Falsa titulación y titulitis
José Manuel Fernández [Periodista] 
El mérito de la titulación superior acaba de sacudir la actualidad política de nuestro país y, por lo que se ve, también la conciencia social de muchos. Y la ha sacudido de la forma que más avergüenza a los ciudadanos, la que enfrenta a una persona con el espejo de su propia y falsa realidad.
La titulitis de que tanto se quejaban los profesionales de la política, les ha estallado en las manos, pero de forma muy distinta a lo que podían esperar.
Resulta que, históricamente, la izquierda ha defendido el valor del esfuerzo personal, la trayectoria en el trabajo y el compromiso social, como valores seguros para el reconocimiento de una gestión, por encima del valor de los títulos oficiales. Pero lo que estamos viendo es que, además de eso, muchos anotaban en su currículum (por si acaso) el mérito de haber cursado alguna carrera universitaria, algo que, para la sociedad, por lo que se ve, define mejor la formación intelectual de las personas. Además, tiene más prestigio.

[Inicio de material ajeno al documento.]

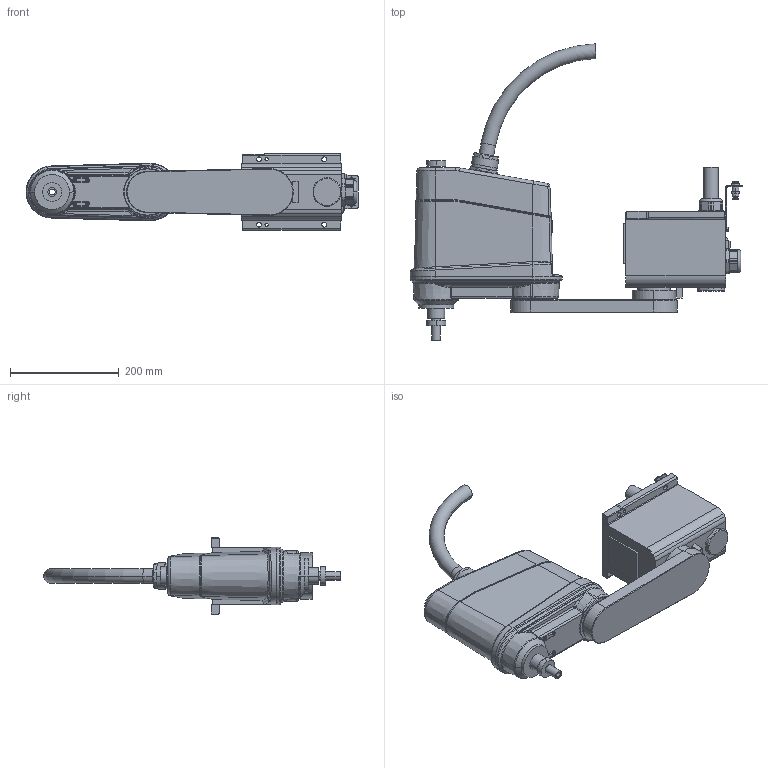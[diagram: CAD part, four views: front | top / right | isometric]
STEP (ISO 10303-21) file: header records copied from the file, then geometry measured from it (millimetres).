
FILE_DESCRIPTION((''),'2;1');
FILE_NAME('THL400-T_3D_ASM','2024-06-11T15:39:44',('15575'),(''),'CREO PARAMETRIC BY PTC INC, 2020454','CREO PARAMETRIC BY PTC INC, 2020454','');
FILE_SCHEMA(('AUTOMOTIVE_DESIGN { 1 0 10303 214 1 1 1 1 }'));
Length unit declared in the file: millimetre
Products named in the file (5): THL400-T_BASE; THL400-T_1ST_ARM; THL400-T_BALL_SCREW; THL400-T_2ND_ARM2; THL400-T_3D_ASM
Assembly tree (4 placements, depth 2):
  THL400-T_3D_ASM
    THL400-T_BASE
    THL400-T_1ST_ARM
    THL400-T_BALL_SCREW
    THL400-T_2ND_ARM2
Bounding box: 610 x 544.69 x 140 mm (x, y, z)
Volume: 3088169.9 mm3; surface area: 777347.3 mm2
Topology: 4 solids, 8 shells, 1146 faces, 2748 edges, 1746 vertices
Faces by surface type: cylinder 451, plane 448, torus 94, bspline 93, cone 48, sphere 12
Entity records: 43111 total; most frequent: CARTESIAN_POINT 11111, DIRECTION 5752, ORIENTED_EDGE 5496, EDGE_CURVE 2748, AXIS2_PLACEMENT_3D 2249, VERTEX_POINT 1746, EDGE_LOOP 1310, VECTOR 1254
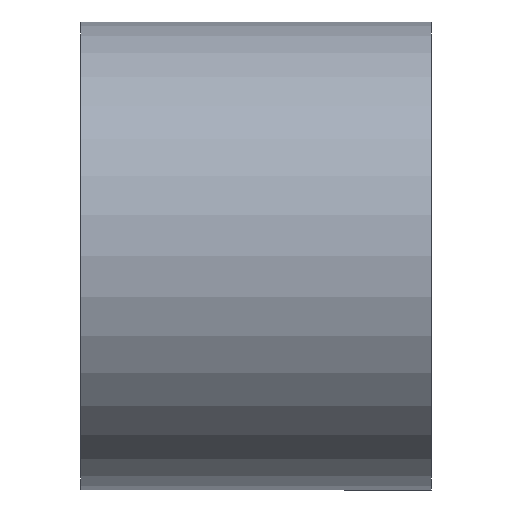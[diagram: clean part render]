
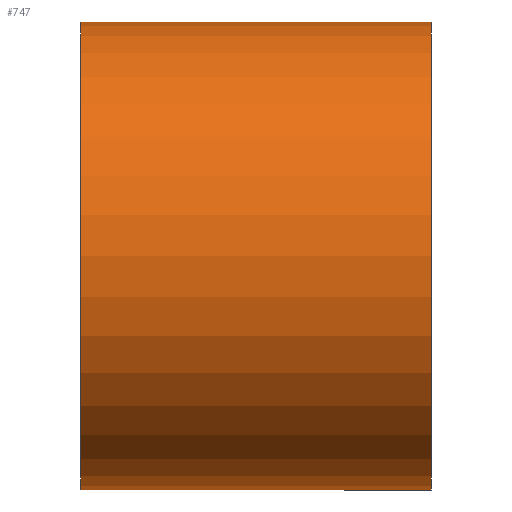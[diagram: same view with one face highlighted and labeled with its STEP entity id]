
A CAD part, front view. The second image highlights one B-rep face of the part: STEP entity #747.
In plain terms, the highlighted cylindrical face has radius 50 mm (diameter 100 mm), a partial arc.
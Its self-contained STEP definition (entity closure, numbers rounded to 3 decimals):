
#34 = LINE ( 'NONE', #357, #83 ) ;
#54 = VERTEX_POINT ( 'NONE', #326 ) ;
#83 = VECTOR ( 'NONE', #573, 1000. ) ;
#114 = DIRECTION ( 'NONE',  ( 0., 0., 1. ) ) ;
#129 = FACE_OUTER_BOUND ( 'NONE', #668, .T. ) ;
#150 = VECTOR ( 'NONE', #504, 1000. ) ;
#151 = VERTEX_POINT ( 'NONE', #408 ) ;
#168 = AXIS2_PLACEMENT_3D ( 'NONE', #884, #273, #202 ) ;
#176 = DIRECTION ( 'NONE',  ( 0., 0., 1. ) ) ;
#202 = DIRECTION ( 'NONE',  ( 0., 0., 1. ) ) ;
#224 = EDGE_CURVE ( 'NONE', #304, #54, #779, .T. ) ;
#256 = EDGE_CURVE ( 'NONE', #737, #151, #34, .T. ) ;
#273 = DIRECTION ( 'NONE',  ( -1., 0., 0. ) ) ;
#304 = VERTEX_POINT ( 'NONE', #460 ) ;
#326 = CARTESIAN_POINT ( 'NONE',  ( -37.5, 0., 50. ) ) ;
#337 = CIRCLE ( 'NONE', #382, 50. ) ;
#357 = CARTESIAN_POINT ( 'NONE',  ( 0., 0., -50. ) ) ;
#382 = AXIS2_PLACEMENT_3D ( 'NONE', #383, #865, #114 ) ;
#383 = CARTESIAN_POINT ( 'NONE',  ( 37.5, 0., 0. ) ) ;
#408 = CARTESIAN_POINT ( 'NONE',  ( -37.5, 0., -50. ) ) ;
#409 = ORIENTED_EDGE ( 'NONE', *, *, #696, .T. ) ;
#419 = CYLINDRICAL_SURFACE ( 'NONE', #168, 50. ) ;
#421 = EDGE_CURVE ( 'NONE', #151, #54, #455, .T. ) ;
#455 = CIRCLE ( 'NONE', #874, 50. ) ;
#460 = CARTESIAN_POINT ( 'NONE',  ( 37.5, 0., 50. ) ) ;
#488 = CARTESIAN_POINT ( 'NONE',  ( 37.5, 0., -50. ) ) ;
#504 = DIRECTION ( 'NONE',  ( -1., 0., 0. ) ) ;
#523 = DIRECTION ( 'NONE',  ( -1., 0., 0. ) ) ;
#568 = CARTESIAN_POINT ( 'NONE',  ( 0., 0., 50. ) ) ;
#573 = DIRECTION ( 'NONE',  ( -1., 0., 0. ) ) ;
#584 = CARTESIAN_POINT ( 'NONE',  ( -37.5, 0., 0. ) ) ;
#624 = ORIENTED_EDGE ( 'NONE', *, *, #421, .F. ) ;
#651 = ORIENTED_EDGE ( 'NONE', *, *, #256, .F. ) ;
#668 = EDGE_LOOP ( 'NONE', ( #651, #409, #732, #624 ) ) ;
#696 = EDGE_CURVE ( 'NONE', #737, #304, #337, .T. ) ;
#732 = ORIENTED_EDGE ( 'NONE', *, *, #224, .T. ) ;
#737 = VERTEX_POINT ( 'NONE', #488 ) ;
#747 = ADVANCED_FACE ( 'NONE', ( #129 ), #419, .T. ) ;
#779 = LINE ( 'NONE', #568, #150 ) ;
#865 = DIRECTION ( 'NONE',  ( -1., 0., 0. ) ) ;
#874 = AXIS2_PLACEMENT_3D ( 'NONE', #584, #523, #176 ) ;
#884 = CARTESIAN_POINT ( 'NONE',  ( 0., 0., 0. ) ) ;
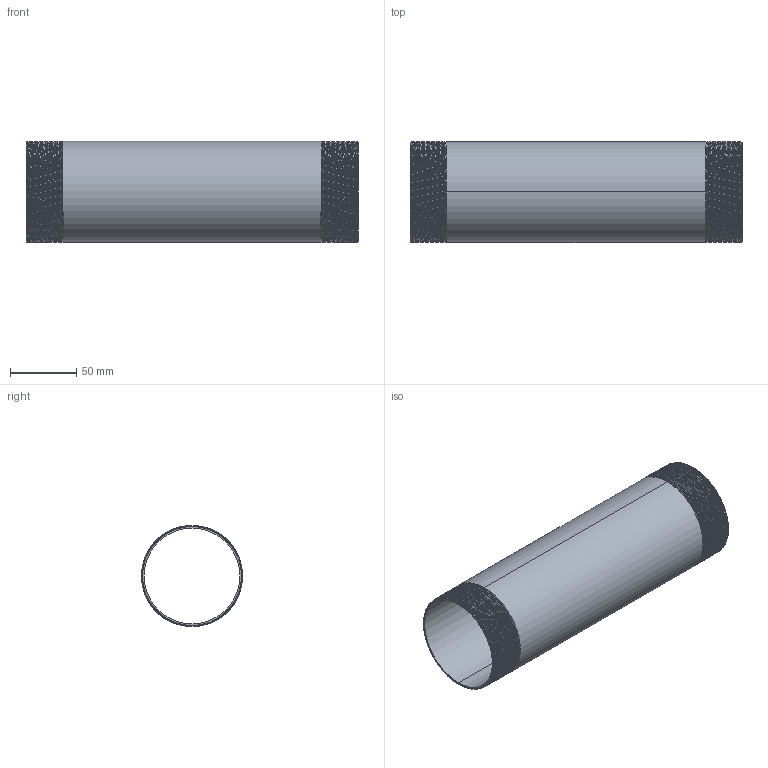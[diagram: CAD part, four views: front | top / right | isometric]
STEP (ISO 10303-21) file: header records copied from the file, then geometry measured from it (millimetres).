
FILE_DESCRIPTION (( 'STEP AP203' ), '1' );
FILE_NAME ('3D_R210_2 1-2x250_17148640.STEP', '2024-08-16T10:17:40', ( '' ), ( '' ), 'SwSTEP 2.0', 'SolidWorks 2024', '' );
FILE_SCHEMA (( 'CONFIG_CONTROL_DESIGN' ));
Length unit declared in the file: millimetre
Products named in the file (1): 3D_R210_2 1-2x250_17148640
Bounding box: 250 x 76.07 x 76.1 mm (x, y, z)
Volume: 110824.6 mm3; surface area: 123960.5 mm2
Topology: 1 solids, 1 shells, 106 faces, 306 edges, 202 vertices
Faces by surface type: cone 92, bspline 6, cylinder 4, plane 4
Entity records: 20059 total; most frequent: CARTESIAN_POINT 17595, ORIENTED_EDGE 612, DIRECTION 328, EDGE_CURVE 306, VERTEX_POINT 202, B_SPLINE_CURVE_WITH_KNOTS 184, AXIS2_PLACEMENT_3D 113, EDGE_LOOP 108
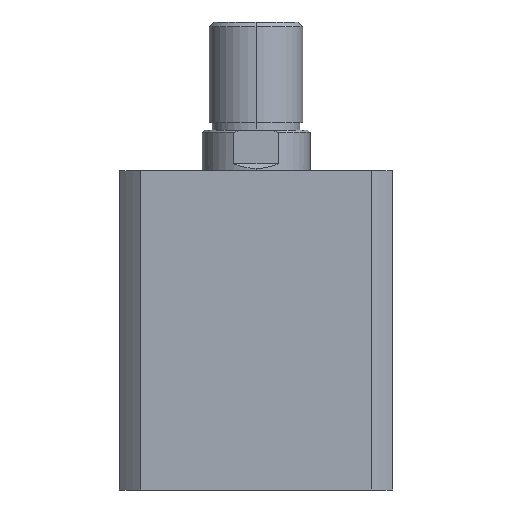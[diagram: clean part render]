
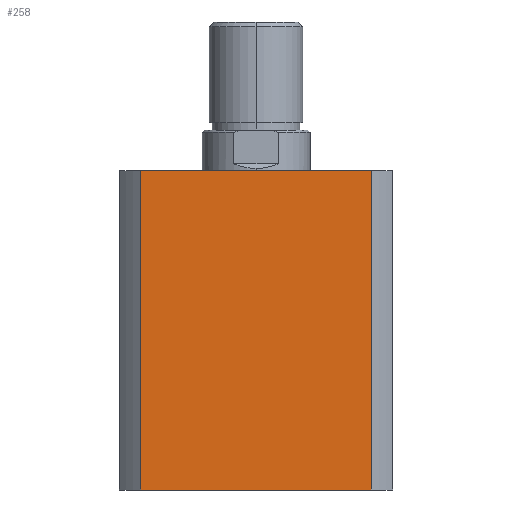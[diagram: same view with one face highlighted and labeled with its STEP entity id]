
A CAD part, left-side view. The second image highlights one B-rep face of the part: STEP entity #258.
In plain terms, the highlighted planar face has unit normal (-1, 0, 0).
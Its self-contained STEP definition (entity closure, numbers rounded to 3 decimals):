
#258 = ADVANCED_FACE ( 'NONE', ( #4862 ), #2635, .F. ) ;
#726 = EDGE_CURVE ( 'NONE', #1330, #1372, #4111, .T. ) ;
#760 = EDGE_CURVE ( 'NONE', #1274, #1330, #4156, .T. ) ;
#762 = EDGE_CURVE ( 'NONE', #1268, #1372, #4160, .T. ) ;
#763 = EDGE_CURVE ( 'NONE', #1274, #1268, #3618, .T. ) ;
#897 = EDGE_LOOP ( 'NONE', ( #1398, #1397, #1396, #1395 ) ) ;
#1268 = VERTEX_POINT ( 'NONE', #4313 ) ;
#1274 = VERTEX_POINT ( 'NONE', #4307 ) ;
#1330 = VERTEX_POINT ( 'NONE', #4250 ) ;
#1372 = VERTEX_POINT ( 'NONE', #4204 ) ;
#1395 = ORIENTED_EDGE ( 'NONE', *, *, #760, .T. ) ;
#1396 = ORIENTED_EDGE ( 'NONE', *, *, #763, .F. ) ;
#1397 = ORIENTED_EDGE ( 'NONE', *, *, #762, .F. ) ;
#1398 = ORIENTED_EDGE ( 'NONE', *, *, #726, .T. ) ;
#2632 = DIRECTION ( 'NONE',  ( 0., 0., -1. ) ) ;
#2633 = DIRECTION ( 'NONE',  ( 1., 0., 0. ) ) ;
#2635 = PLANE ( 'NONE',  #3094 ) ;
#2639 = CARTESIAN_POINT ( 'NONE',  ( -57., 0., 133. ) ) ;
#3094 = AXIS2_PLACEMENT_3D ( 'NONE', #2639, #2633, #2632 ) ;
#3176 = DIRECTION ( 'NONE',  ( 0., 0., -1. ) ) ;
#3179 = CARTESIAN_POINT ( 'NONE',  ( -57., 47.971, 133. ) ) ;
#3188 = DIRECTION ( 'NONE',  ( 0., 0., -1. ) ) ;
#3190 = CARTESIAN_POINT ( 'NONE',  ( -57., -47.971, 133. ) ) ;
#3360 = CARTESIAN_POINT ( 'NONE',  ( -57., 0., 133. ) ) ;
#3571 = CARTESIAN_POINT ( 'NONE',  ( -57., 0., 0. ) ) ;
#3572 = DIRECTION ( 'NONE',  ( 0., -1., 0. ) ) ;
#3618 = LINE ( 'NONE', #3360, #3619 ) ;
#3619 = VECTOR ( 'NONE', #4724, 1000. ) ;
#4111 = LINE ( 'NONE', #3571, #4115 ) ;
#4115 = VECTOR ( 'NONE', #3572, 1000. ) ;
#4156 = LINE ( 'NONE', #3179, #4159 ) ;
#4159 = VECTOR ( 'NONE', #3176, 1000. ) ;
#4160 = LINE ( 'NONE', #3190, #4162 ) ;
#4162 = VECTOR ( 'NONE', #3188, 1000. ) ;
#4204 = CARTESIAN_POINT ( 'NONE',  ( -57., -47.971, 0. ) ) ;
#4250 = CARTESIAN_POINT ( 'NONE',  ( -57., 47.971, 0. ) ) ;
#4307 = CARTESIAN_POINT ( 'NONE',  ( -57., 47.971, 133. ) ) ;
#4313 = CARTESIAN_POINT ( 'NONE',  ( -57., -47.971, 133. ) ) ;
#4724 = DIRECTION ( 'NONE',  ( 0., -1., 0. ) ) ;
#4862 = FACE_OUTER_BOUND ( 'NONE', #897, .T. ) ;

El caso es que, muchos de esos políticos detractores de la titulitis, han elevado la apuesta hasta extremos inaceptables. Han mentido o, lo que es peor, han falsificado títulos oficiales para acreditar unos méritos que en realidad no tenían. Se ve que, en el fondo de la conciencia social, todo el mundo querría ser ingeniero pero, sobre todo, los políticos prefieren que en su currículum no se diga que solo son currantes.
A algún dirigente le he oído yo, ahora, volver a la argumentación inicial que deslegitimaba los títulos, para no caer en la titulitis, pero lo dicen cuando ya ha sido detectada la mentira, es decir, cuando el engaño no ha podido ser ocultado por más tiempo. Y curiosamente, los que defienden esta postura nunca llegan a completar la argumentación en toda su lógica.
No dicen, porque los interesados nunca lo dicen, que si se ha mentido ha sido para percibir una mayor cantidad de dinero y también para promocionarse socialmente a costa de otros. O sea, que se han comportado de forma egoísta. Porque la mentira en un currículum profesional siempre acaba perjudicando a alguien: el que pierde el puesto de trabajo que realmente merecía ocupar, pero otros le arrebataron, y que, por defecto, ya nunca podrá ser compensado.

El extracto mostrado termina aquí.